PROBLEM DETAILS:
Could you restate the entries word for word, without the images?

Items from a data source:

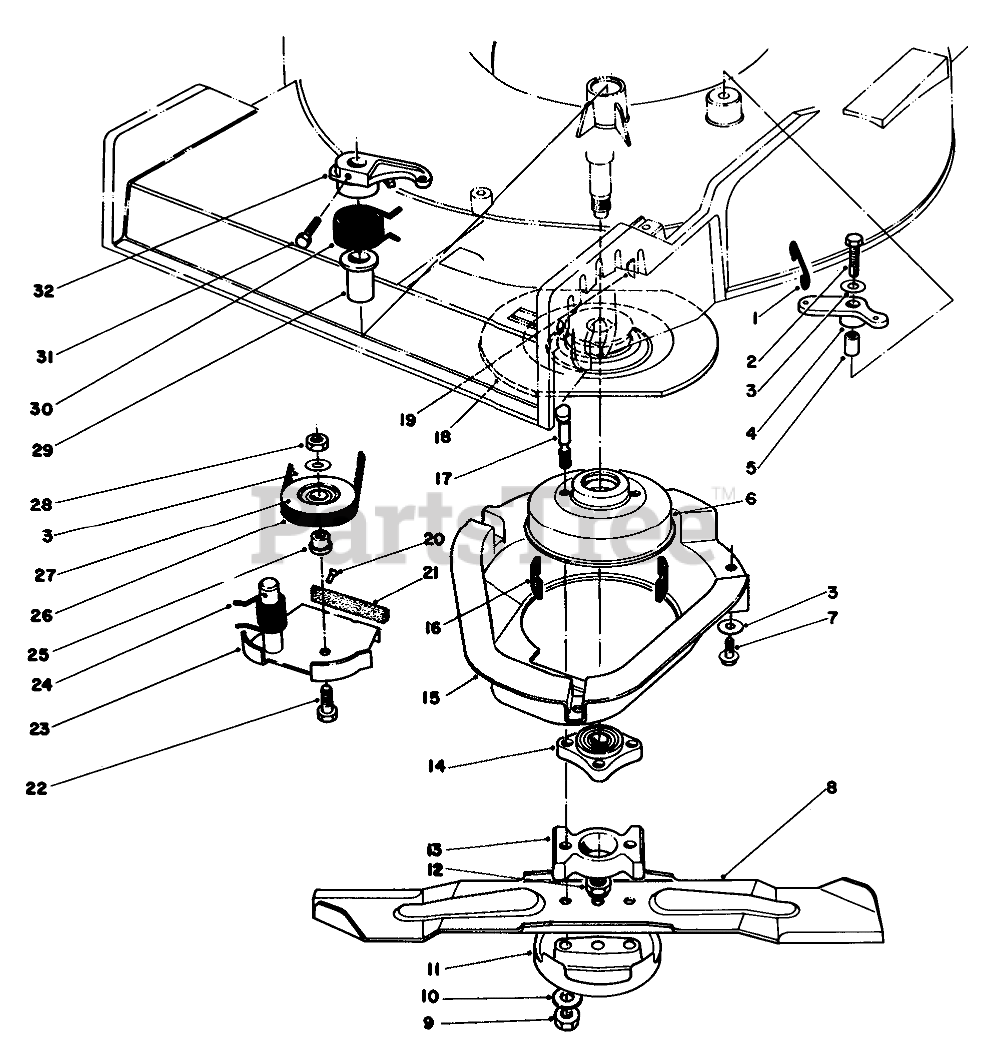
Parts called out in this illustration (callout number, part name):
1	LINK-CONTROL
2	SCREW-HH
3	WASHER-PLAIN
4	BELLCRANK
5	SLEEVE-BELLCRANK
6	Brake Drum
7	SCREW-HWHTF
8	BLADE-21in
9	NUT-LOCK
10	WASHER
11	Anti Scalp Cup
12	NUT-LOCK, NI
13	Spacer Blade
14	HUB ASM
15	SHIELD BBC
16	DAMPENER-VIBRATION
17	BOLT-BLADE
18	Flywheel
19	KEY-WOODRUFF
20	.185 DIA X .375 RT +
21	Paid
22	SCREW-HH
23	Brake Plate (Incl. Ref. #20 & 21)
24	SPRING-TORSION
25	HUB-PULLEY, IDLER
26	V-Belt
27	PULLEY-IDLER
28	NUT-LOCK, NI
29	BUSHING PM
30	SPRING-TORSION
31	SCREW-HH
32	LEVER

SOLUTION TO THIS TASK:
Parts called out in this illustration (callout number, part name):
1	LINK-CONTROL
2	SCREW-HH
3	WASHER-PLAIN
4	BELLCRANK
5	SLEEVE-BELLCRANK
6	Brake Drum
7	SCREW-HWHTF
8	BLADE-21in
9	NUT-LOCK
10	WASHER
11	Anti Scalp Cup
12	NUT-LOCK, NI
13	Spacer Blade
14	HUB ASM
15	SHIELD BBC
16	DAMPENER-VIBRATION
17	BOLT-BLADE
18	Flywheel
19	KEY-WOODRUFF
20	.185 DIA X .375 RT +
21	Paid
22	SCREW-HH
23	Brake Plate (Incl. Ref. #20 & 21)
24	SPRING-TORSION
25	HUB-PULLEY, IDLER
26	V-Belt
27	PULLEY-IDLER
28	NUT-LOCK, NI
29	BUSHING PM
30	SPRING-TORSION
31	SCREW-HH
32	LEVER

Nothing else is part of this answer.